Please write out the listing exactly, leaving each picture out.

*** Begin section ***

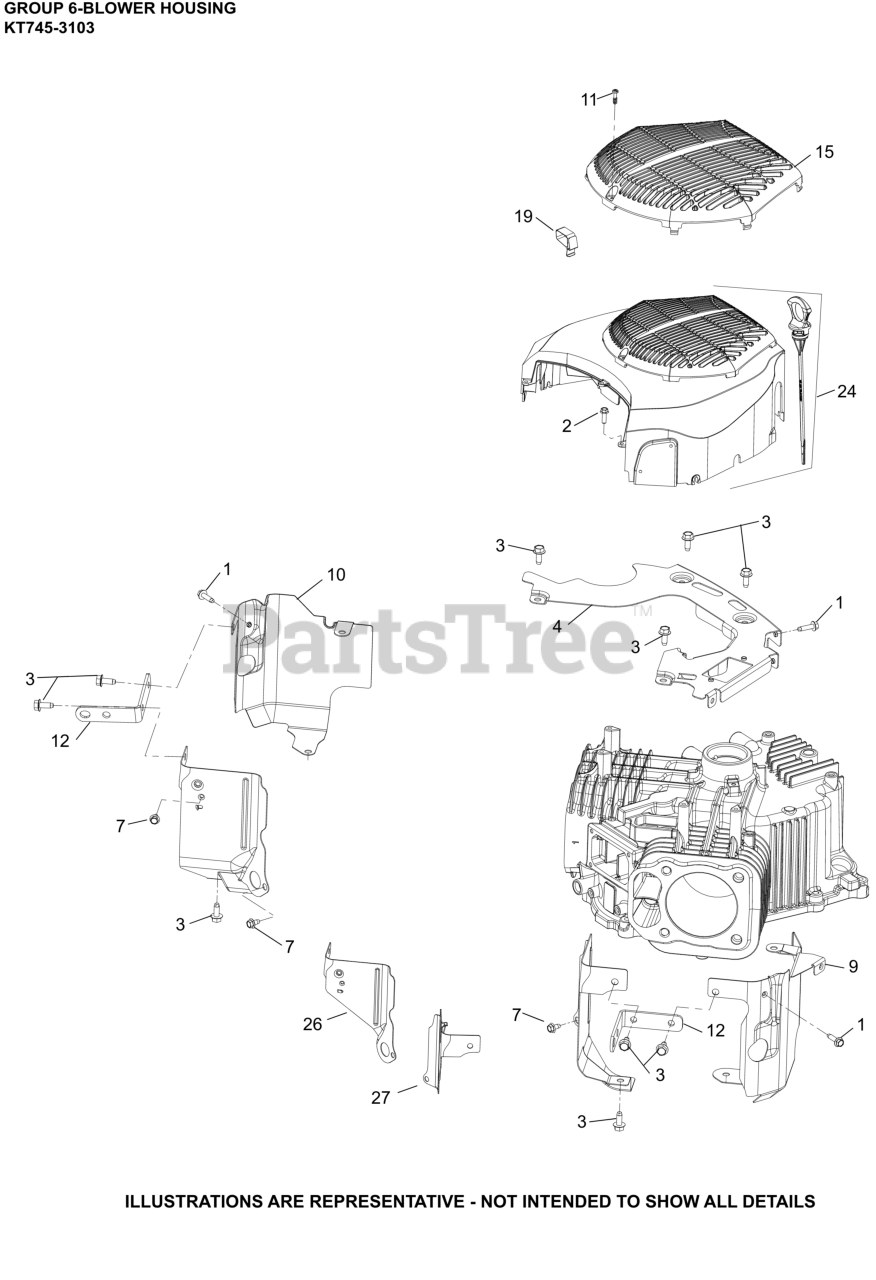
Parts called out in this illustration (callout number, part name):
1	SCREW, THD FRM-USE 25 086 473-S
2	SCREW, HI-LOW
3	SCREW, THREAD FORMING
4	PLATE, BACKING
7	SCREW, THREAD FORMING
9	BAFFLE, LEFT BARREL
10	BAFFLE, RIGHT BARREL
11	SCREW, M5-2.42 (PT) THREAD
12	STRAP, LIFTING
15	GUARD, FIXED
19	CLIP, BLOWER HOUSING
24	KIT, BLOWER HOUSING
26	BAFFLE, VALLEY #1 CYLINDER
27	BAFFLE, VALLEY #2 CYL-USE 32 063 36-S

*** End section ***

### YOUR SOLUTION
Parts called out in this illustration (callout number, part name):
1	SCREW, THD FRM-USE 25 086 473-S
2	SCREW, HI-LOW
3	SCREW, THREAD FORMING
4	PLATE, BACKING
7	SCREW, THREAD FORMING
9	BAFFLE, LEFT BARREL
10	BAFFLE, RIGHT BARREL
11	SCREW, M5-2.42 (PT) THREAD
12	STRAP, LIFTING
15	GUARD, FIXED
19	CLIP, BLOWER HOUSING
24	KIT, BLOWER HOUSING
26	BAFFLE, VALLEY #1 CYLINDER
27	BAFFLE, VALLEY #2 CYL-USE 32 063 36-S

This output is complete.